Entries taken from a collection:
- Opening Delimiter -

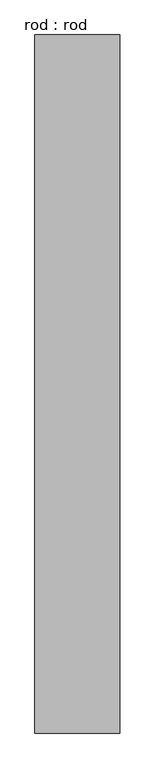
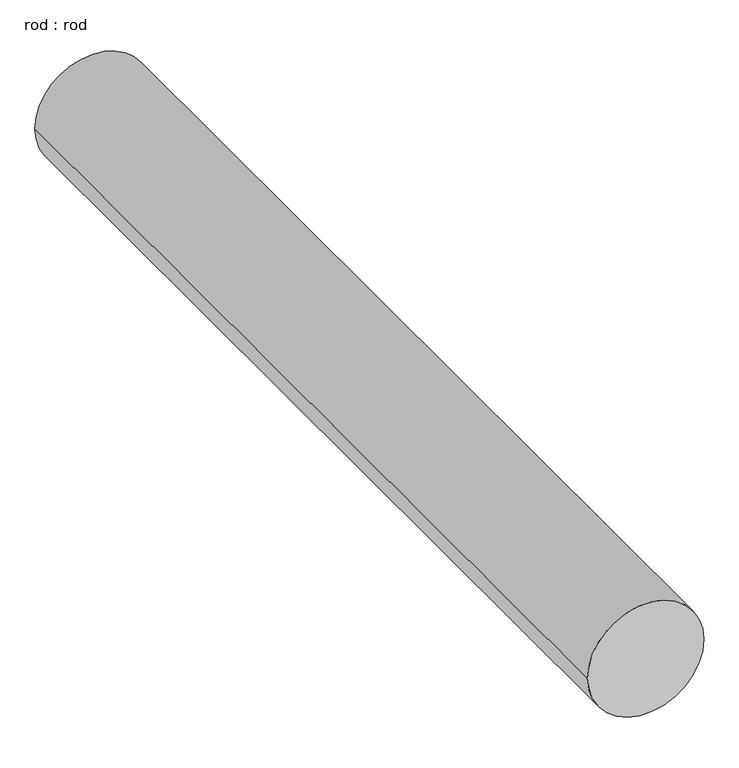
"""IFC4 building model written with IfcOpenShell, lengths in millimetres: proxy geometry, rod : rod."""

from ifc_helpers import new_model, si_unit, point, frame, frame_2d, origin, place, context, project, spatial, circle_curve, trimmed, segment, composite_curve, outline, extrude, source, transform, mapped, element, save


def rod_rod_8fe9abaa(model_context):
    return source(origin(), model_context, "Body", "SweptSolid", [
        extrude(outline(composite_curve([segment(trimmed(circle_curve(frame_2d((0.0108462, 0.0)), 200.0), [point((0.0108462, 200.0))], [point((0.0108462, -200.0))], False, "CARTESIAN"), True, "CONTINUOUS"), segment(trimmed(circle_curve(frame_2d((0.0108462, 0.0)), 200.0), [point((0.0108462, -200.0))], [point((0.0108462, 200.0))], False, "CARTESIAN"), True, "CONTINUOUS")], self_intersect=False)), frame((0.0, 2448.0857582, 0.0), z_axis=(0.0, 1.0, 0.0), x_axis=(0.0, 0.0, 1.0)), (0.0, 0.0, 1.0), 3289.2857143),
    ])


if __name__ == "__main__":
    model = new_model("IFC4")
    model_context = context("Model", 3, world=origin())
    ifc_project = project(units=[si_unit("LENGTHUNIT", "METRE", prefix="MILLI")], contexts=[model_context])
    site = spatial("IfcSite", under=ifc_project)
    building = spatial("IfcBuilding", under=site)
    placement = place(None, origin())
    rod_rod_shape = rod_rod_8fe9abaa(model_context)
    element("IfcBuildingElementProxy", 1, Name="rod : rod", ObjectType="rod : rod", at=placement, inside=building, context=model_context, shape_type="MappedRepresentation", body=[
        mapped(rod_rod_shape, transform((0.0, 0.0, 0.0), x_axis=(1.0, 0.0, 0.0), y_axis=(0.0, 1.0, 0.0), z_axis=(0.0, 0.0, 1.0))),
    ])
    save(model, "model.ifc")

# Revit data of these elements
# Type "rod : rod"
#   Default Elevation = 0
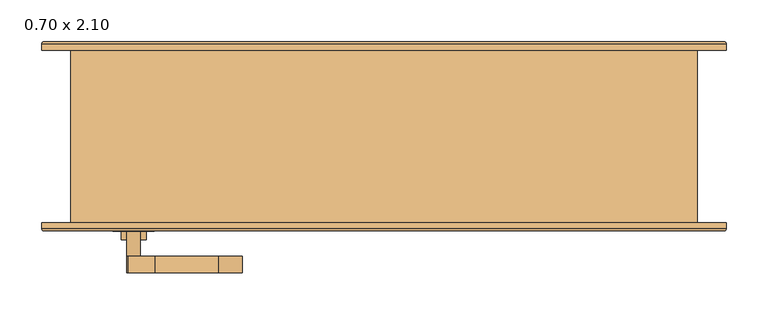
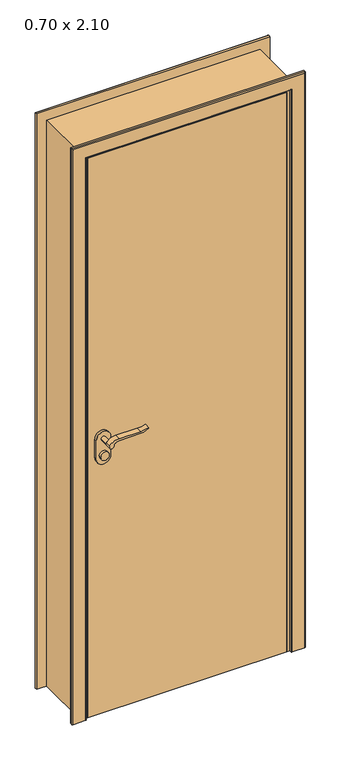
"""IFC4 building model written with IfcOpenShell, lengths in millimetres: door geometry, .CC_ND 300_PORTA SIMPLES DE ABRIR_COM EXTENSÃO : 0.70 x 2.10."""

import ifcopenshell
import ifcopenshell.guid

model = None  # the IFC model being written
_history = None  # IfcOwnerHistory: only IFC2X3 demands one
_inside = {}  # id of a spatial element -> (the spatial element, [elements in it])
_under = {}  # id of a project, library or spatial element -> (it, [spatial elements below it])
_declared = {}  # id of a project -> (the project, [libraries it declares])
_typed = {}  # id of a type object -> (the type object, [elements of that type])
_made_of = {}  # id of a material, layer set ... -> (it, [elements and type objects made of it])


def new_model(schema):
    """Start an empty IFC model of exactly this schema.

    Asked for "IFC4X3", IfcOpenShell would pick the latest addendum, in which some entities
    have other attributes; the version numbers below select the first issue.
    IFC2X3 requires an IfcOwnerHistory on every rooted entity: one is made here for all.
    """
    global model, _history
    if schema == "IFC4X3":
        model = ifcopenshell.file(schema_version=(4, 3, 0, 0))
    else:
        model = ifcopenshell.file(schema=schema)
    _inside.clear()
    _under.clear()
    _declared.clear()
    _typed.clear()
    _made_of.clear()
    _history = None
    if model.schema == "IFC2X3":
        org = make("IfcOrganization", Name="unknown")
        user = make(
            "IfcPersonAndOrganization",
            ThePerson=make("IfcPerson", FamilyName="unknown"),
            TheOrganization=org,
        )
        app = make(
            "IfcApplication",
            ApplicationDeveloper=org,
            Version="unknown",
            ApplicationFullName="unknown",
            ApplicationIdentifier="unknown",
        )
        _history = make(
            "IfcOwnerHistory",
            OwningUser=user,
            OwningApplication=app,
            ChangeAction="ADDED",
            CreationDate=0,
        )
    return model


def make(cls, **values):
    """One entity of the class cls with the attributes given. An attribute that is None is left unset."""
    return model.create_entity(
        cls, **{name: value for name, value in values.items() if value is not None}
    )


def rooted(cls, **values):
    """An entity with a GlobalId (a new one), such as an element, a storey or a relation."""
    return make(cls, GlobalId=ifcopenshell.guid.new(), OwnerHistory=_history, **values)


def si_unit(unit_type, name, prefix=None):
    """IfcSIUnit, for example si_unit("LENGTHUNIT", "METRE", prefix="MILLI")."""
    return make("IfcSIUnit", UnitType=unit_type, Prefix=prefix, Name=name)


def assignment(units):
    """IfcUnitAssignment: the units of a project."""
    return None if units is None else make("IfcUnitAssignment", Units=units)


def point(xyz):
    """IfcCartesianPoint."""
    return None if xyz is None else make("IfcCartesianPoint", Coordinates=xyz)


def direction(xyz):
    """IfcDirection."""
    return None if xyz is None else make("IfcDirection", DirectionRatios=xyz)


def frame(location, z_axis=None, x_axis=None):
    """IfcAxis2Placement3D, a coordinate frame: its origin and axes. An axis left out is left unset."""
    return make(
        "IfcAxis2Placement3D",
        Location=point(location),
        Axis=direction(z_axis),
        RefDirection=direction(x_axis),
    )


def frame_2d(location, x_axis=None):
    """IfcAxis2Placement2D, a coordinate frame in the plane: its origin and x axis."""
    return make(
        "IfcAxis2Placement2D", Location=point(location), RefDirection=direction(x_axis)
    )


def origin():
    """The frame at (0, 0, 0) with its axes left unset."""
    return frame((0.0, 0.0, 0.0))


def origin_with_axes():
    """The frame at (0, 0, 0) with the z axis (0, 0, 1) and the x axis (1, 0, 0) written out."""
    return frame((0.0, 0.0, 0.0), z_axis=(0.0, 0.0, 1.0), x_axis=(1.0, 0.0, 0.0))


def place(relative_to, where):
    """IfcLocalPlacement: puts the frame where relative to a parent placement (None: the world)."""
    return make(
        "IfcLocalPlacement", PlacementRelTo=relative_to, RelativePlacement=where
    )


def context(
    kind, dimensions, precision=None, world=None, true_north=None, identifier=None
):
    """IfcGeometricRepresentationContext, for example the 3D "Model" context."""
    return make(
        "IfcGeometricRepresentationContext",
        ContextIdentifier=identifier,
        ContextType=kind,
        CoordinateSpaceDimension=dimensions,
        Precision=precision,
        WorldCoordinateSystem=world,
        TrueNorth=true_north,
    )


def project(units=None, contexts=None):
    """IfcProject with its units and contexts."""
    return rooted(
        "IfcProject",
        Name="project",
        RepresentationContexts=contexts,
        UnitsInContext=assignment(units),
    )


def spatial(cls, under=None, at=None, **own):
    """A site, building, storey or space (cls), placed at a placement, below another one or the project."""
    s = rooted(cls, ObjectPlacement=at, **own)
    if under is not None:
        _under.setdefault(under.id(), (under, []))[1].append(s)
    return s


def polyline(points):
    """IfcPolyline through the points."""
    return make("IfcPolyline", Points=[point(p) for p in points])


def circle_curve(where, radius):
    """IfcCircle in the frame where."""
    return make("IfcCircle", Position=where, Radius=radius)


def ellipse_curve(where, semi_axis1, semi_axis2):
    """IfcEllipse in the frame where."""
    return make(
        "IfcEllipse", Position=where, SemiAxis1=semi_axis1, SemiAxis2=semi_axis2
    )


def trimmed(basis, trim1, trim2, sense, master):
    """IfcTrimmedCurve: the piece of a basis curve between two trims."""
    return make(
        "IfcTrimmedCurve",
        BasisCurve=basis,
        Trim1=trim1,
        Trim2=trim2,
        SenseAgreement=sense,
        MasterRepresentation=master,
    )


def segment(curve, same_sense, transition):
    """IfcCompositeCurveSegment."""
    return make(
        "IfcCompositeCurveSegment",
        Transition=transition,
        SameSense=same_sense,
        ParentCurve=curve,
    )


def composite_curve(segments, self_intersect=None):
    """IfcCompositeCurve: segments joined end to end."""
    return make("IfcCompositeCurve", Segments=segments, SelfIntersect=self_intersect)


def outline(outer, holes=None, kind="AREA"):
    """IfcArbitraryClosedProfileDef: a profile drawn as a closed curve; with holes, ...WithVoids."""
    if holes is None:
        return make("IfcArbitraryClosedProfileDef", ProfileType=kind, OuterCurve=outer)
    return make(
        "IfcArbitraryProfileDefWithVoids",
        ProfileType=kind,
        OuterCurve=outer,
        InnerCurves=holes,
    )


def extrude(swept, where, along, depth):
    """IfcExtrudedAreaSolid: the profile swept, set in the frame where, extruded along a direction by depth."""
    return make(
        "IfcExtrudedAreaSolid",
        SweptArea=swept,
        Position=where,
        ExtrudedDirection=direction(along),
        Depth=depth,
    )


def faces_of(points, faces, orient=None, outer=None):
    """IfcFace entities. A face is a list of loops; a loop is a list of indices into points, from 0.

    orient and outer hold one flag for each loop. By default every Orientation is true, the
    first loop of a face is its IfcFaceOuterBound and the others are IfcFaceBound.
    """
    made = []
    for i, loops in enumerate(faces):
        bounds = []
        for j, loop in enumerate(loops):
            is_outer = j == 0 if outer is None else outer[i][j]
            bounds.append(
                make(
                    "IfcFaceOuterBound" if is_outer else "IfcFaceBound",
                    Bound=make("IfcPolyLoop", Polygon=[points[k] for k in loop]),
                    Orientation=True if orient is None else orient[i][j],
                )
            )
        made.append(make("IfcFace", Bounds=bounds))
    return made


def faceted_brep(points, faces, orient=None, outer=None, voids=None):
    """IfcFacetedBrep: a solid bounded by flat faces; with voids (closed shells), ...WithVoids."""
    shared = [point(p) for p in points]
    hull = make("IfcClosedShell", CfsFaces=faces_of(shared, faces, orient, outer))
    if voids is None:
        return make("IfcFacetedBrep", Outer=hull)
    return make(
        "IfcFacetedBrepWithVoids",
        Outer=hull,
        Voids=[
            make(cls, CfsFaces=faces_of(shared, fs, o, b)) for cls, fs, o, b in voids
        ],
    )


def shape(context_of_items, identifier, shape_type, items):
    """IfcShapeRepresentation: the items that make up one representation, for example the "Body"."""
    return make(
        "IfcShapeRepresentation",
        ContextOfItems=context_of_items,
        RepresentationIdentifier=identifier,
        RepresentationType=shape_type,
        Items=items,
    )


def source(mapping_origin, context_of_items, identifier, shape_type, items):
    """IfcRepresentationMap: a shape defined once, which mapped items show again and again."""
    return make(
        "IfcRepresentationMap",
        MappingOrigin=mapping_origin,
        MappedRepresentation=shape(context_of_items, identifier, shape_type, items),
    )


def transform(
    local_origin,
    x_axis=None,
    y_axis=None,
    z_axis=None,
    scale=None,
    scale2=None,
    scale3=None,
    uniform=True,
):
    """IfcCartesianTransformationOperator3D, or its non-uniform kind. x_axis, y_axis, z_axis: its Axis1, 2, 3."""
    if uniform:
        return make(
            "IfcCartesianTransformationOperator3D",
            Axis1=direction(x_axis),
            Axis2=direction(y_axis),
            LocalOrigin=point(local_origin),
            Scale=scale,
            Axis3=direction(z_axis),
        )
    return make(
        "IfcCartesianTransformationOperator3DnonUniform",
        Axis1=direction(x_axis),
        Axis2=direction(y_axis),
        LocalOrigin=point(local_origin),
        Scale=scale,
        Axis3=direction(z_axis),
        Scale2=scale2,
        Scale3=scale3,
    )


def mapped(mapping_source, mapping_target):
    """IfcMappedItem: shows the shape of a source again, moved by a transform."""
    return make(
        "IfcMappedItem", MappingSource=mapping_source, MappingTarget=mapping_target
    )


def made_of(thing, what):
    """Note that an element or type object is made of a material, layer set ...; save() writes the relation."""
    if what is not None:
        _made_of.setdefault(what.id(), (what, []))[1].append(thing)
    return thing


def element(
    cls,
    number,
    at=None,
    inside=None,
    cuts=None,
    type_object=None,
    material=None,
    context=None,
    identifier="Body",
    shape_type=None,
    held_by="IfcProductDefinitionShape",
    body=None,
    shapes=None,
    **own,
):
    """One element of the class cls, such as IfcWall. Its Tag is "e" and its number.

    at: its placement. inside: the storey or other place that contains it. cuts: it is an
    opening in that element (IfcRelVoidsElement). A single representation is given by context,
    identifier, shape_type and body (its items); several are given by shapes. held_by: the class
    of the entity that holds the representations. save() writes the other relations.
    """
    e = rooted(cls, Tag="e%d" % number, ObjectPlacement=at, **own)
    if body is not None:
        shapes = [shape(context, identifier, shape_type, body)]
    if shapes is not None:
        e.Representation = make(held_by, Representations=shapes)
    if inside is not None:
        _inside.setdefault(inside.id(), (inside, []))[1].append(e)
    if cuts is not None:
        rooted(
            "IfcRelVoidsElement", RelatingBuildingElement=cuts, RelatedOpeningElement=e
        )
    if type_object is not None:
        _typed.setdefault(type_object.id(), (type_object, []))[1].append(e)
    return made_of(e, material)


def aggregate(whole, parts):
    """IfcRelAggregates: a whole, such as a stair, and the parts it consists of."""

- Closing Delimiter -

**EXERCISE:** Restate the line containing "identifier, shape_type and" and every remaining line of the records word for word. Add nothing.

**ANSWER BOX:**
    identifier, shape_type and body (its items); several are given by shapes. held_by: the class
    of the entity that holds the representations. save() writes the other relations.
    """
    e = rooted(cls, Tag="e%d" % number, ObjectPlacement=at, **own)
    if body is not None:
        shapes = [shape(context, identifier, shape_type, body)]
    if shapes is not None:
        e.Representation = make(held_by, Representations=shapes)
    if inside is not None:
        _inside.setdefault(inside.id(), (inside, []))[1].append(e)
    if cuts is not None:
        rooted(
            "IfcRelVoidsElement", RelatingBuildingElement=cuts, RelatedOpeningElement=e
        )
    if type_object is not None:
        _typed.setdefault(type_object.id(), (type_object, []))[1].append(e)
    return made_of(e, material)


def aggregate(whole, parts):
    """IfcRelAggregates: a whole, such as a stair, and the parts it consists of."""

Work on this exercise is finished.